The Workflow Executor node can only execute a workflow that is captured from the same workflow the Workflow Executor node is part of. |
The node ports match the input and output ports of the workflow. Connect the Workflow Executor node to the output workflow object port of the workflow you want to write, i.e. the output workflow object port of Workflow Combiner node or Capture Workflow End node, and, if needed, the input data port to a data table. An example is shown in Figure 19.
You can adjust the needed input and output ports to match those of the workflow to be executed by opening the node configuration dialog shown in Figure 20, and clicking Auto-adjust ports (carried out on apply).
Extract the workflow summary
You can generate a workflow summary using the Workflow Summary Extractor node. It creates a document in either XML or JSON format which contains workflow meta data and makes it available at the node output as data table. The workflow summary is a detailed and structured description of a workflow including its structure, configuration of the nodes, port specifications, node and workflow annotations.

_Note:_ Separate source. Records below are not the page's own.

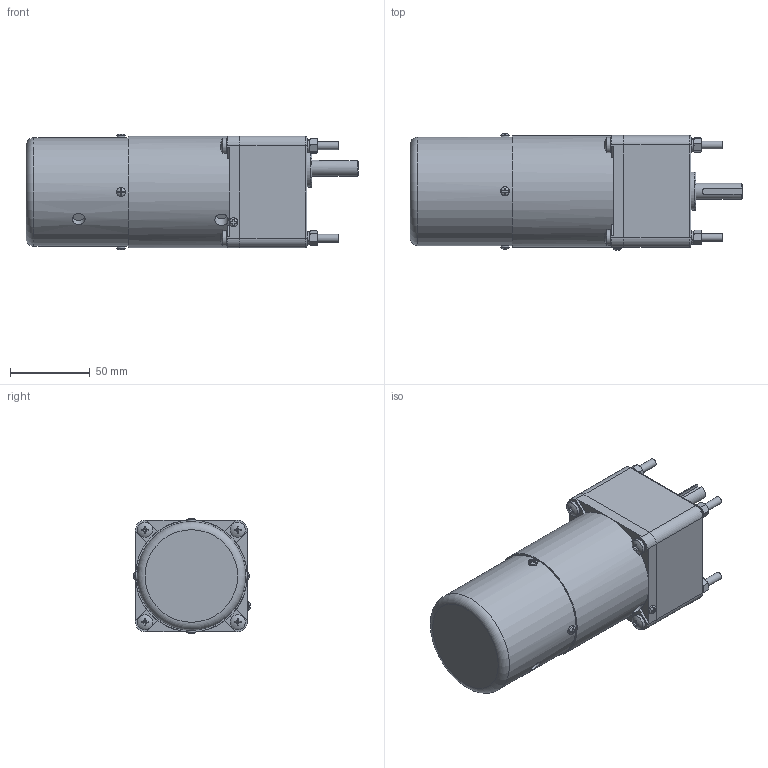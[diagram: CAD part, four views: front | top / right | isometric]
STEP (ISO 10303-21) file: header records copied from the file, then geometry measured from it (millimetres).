
FILE_DESCRIPTION(/* description */ (''),/* implementation_level */ '2;1');
FILE_NAME(/* name */ '70高箱T-15W刹车调速.stp',/* time_stamp */ '2022-10-31T09:29:55+08:00',/* author */ (''),/* organization */ (''),/* preprocessor_version */ 'ST-DEVELOPER v16.7',/* originating_system */ 'SIEMENS PLM Software NX 1899',/* authorisation */ '');
FILE_SCHEMA (('AP203_CONFIGURATION_CONTROLLED_3D_DESIGN_OF_MECHANICAL_PARTS_AND_ASSEMBLIES_MIM_LF { 1 0 10303 403 2 1 2}'));
Length unit declared in the file: millimetre
Products named in the file (1): yf186188FEB6lc84
Bounding box: 208 x 73.28 x 72.48 mm (x, y, z)
Volume: 714914.7 mm3; surface area: 73506.5 mm2
Topology: 22 solids, 23 shells, 447 faces, 1076 edges, 696 vertices
Faces by surface type: plane 207, bspline 80, cylinder 77, cone 63, torus 11, sphere 9
Full cylindrical faces by diameter (mm): 2.7 x1, 4.351 x4, 4.826 x4, 5 x4, 5.3 x8, 5.6 x5, 6 x9, 8 x1, 8.3 x1, 9 x8, 9.5 x4, 10 x1, 24 x1, 63 x1, 66.6 x2, 68 x1, 70 x1
Entity records: 14347 total; most frequent: CARTESIAN_POINT 3858, ORIENTED_EDGE 1904, DIRECTION 1703, EDGE_CURVE 952, AXIS2_PLACEMENT_3D 708, VERTEX_POINT 658, EDGE_LOOP 593, ADVANCED_FACE 447

You can connect the input workflow port of the Workflow Summary Extractor node to any other output port of the same type to select the workflow to be processed.
In the configuration dialog of the Workflow Summary Extractor node you can choose the format of the output between JSON and XML and assign a name other than the default one to the column of the final table which will contain the workflow summary extracted.